▸ **What is expected**
Your reproduction of the entries should be exact and should contain no pictures.

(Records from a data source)
---

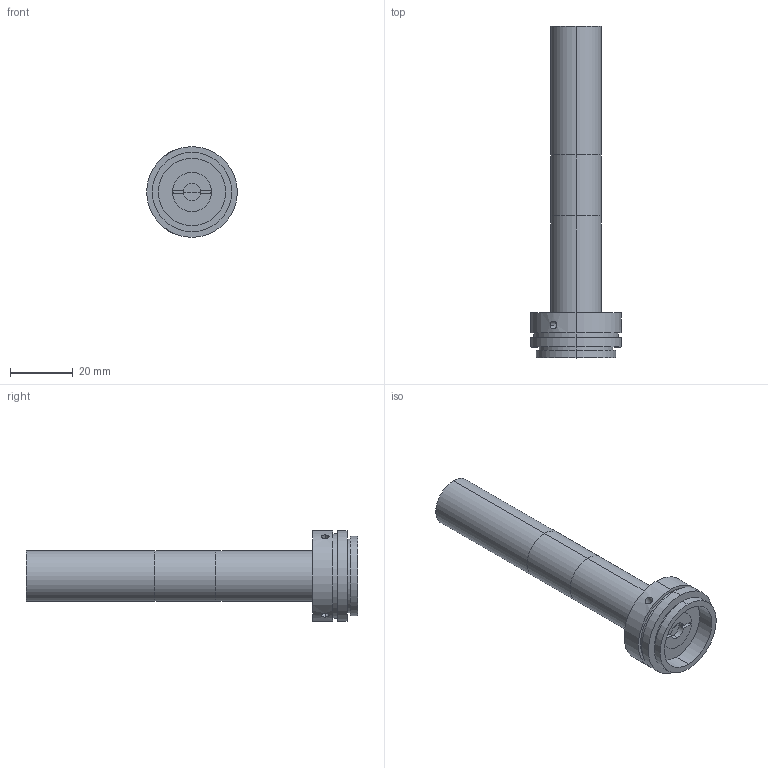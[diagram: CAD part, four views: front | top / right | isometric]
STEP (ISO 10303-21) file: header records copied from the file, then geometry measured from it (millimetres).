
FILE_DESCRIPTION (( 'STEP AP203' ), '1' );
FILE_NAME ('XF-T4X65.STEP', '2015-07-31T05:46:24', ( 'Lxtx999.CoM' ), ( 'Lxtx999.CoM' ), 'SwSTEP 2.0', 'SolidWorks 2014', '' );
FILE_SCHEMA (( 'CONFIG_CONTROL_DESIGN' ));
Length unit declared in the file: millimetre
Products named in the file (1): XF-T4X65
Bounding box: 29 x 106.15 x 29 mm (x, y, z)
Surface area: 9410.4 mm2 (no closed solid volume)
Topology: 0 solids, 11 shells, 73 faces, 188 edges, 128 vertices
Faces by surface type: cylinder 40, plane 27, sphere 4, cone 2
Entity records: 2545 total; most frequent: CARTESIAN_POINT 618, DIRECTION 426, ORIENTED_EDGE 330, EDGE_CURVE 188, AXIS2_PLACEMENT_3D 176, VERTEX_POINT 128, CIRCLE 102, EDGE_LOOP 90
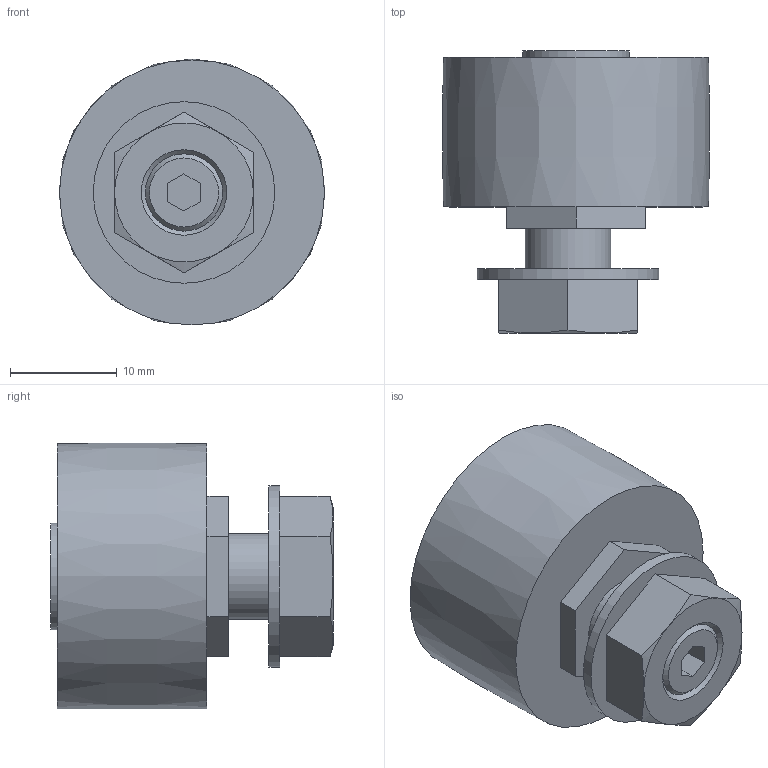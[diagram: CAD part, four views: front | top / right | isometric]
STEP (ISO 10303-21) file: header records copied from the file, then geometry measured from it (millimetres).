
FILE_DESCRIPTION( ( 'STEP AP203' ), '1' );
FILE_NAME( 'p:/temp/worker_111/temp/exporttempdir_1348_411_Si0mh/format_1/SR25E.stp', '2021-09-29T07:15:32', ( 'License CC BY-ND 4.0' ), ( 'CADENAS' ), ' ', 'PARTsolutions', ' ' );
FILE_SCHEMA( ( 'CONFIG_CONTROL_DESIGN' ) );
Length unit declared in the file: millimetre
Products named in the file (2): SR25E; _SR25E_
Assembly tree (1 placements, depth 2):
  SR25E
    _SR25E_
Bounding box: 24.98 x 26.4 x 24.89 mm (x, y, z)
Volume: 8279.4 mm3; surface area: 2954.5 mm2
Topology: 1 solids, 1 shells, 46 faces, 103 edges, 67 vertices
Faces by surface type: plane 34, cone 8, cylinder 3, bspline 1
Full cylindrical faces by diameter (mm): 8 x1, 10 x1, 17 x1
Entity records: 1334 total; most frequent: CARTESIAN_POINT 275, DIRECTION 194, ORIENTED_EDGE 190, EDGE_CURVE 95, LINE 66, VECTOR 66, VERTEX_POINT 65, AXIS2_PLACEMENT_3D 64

---

▸ **Exercise response**
[diagram: CAD part, four views: front | top / right | isometric]
STEP (ISO 10303-21) file: header records copied from the file, then geometry measured from it (millimetres).
FILE_DESCRIPTION (( 'STEP AP203' ), '1' );
FILE_NAME ('XF-T4X65.STEP', '2015-07-31T05:46:24', ( 'Lxtx999.CoM' ), ( 'Lxtx999.CoM' ), 'SwSTEP 2.0', 'SolidWorks 2014', '' );
FILE_SCHEMA (( 'CONFIG_CONTROL_DESIGN' ));
Length unit declared in the file: millimetre
Products named in the file (1): XF-T4X65
Bounding box: 29 x 106.15 x 29 mm (x, y, z)
Surface area: 9410.4 mm2 (no closed solid volume)
Topology: 0 solids, 11 shells, 73 faces, 188 edges, 128 vertices
Faces by surface type: cylinder 40, plane 27, sphere 4, cone 2
Entity records: 2545 total; most frequent: CARTESIAN_POINT 618, DIRECTION 426, ORIENTED_EDGE 330, EDGE_CURVE 188, AXIS2_PLACEMENT_3D 176, VERTEX_POINT 128, CIRCLE 102, EDGE_LOOP 90
[diagram: CAD part, four views: front | top / right | isometric]
STEP (ISO 10303-21) file: header records copied from the file, then geometry measured from it (millimetres).
FILE_DESCRIPTION( ( 'STEP AP203' ), '1' );
FILE_NAME( 'p:/temp/worker_111/temp/exporttempdir_1348_411_Si0mh/format_1/SR25E.stp', '2021-09-29T07:15:32', ( 'License CC BY-ND 4.0' ), ( 'CADENAS' ), ' ', 'PARTsolutions', ' ' );
FILE_SCHEMA( ( 'CONFIG_CONTROL_DESIGN' ) );
Length unit declared in the file: millimetre
Products named in the file (2): SR25E; _SR25E_
Assembly tree (1 placements, depth 2):
  SR25E
    _SR25E_
Bounding box: 24.98 x 26.4 x 24.89 mm (x, y, z)
Volume: 8279.4 mm3; surface area: 2954.5 mm2
Topology: 1 solids, 1 shells, 46 faces, 103 edges, 67 vertices
Faces by surface type: plane 34, cone 8, cylinder 3, bspline 1
Full cylindrical faces by diameter (mm): 8 x1, 10 x1, 17 x1
Entity records: 1334 total; most frequent: CARTESIAN_POINT 275, DIRECTION 194, ORIENTED_EDGE 190, EDGE_CURVE 95, LINE 66, VECTOR 66, VERTEX_POINT 65, AXIS2_PLACEMENT_3D 64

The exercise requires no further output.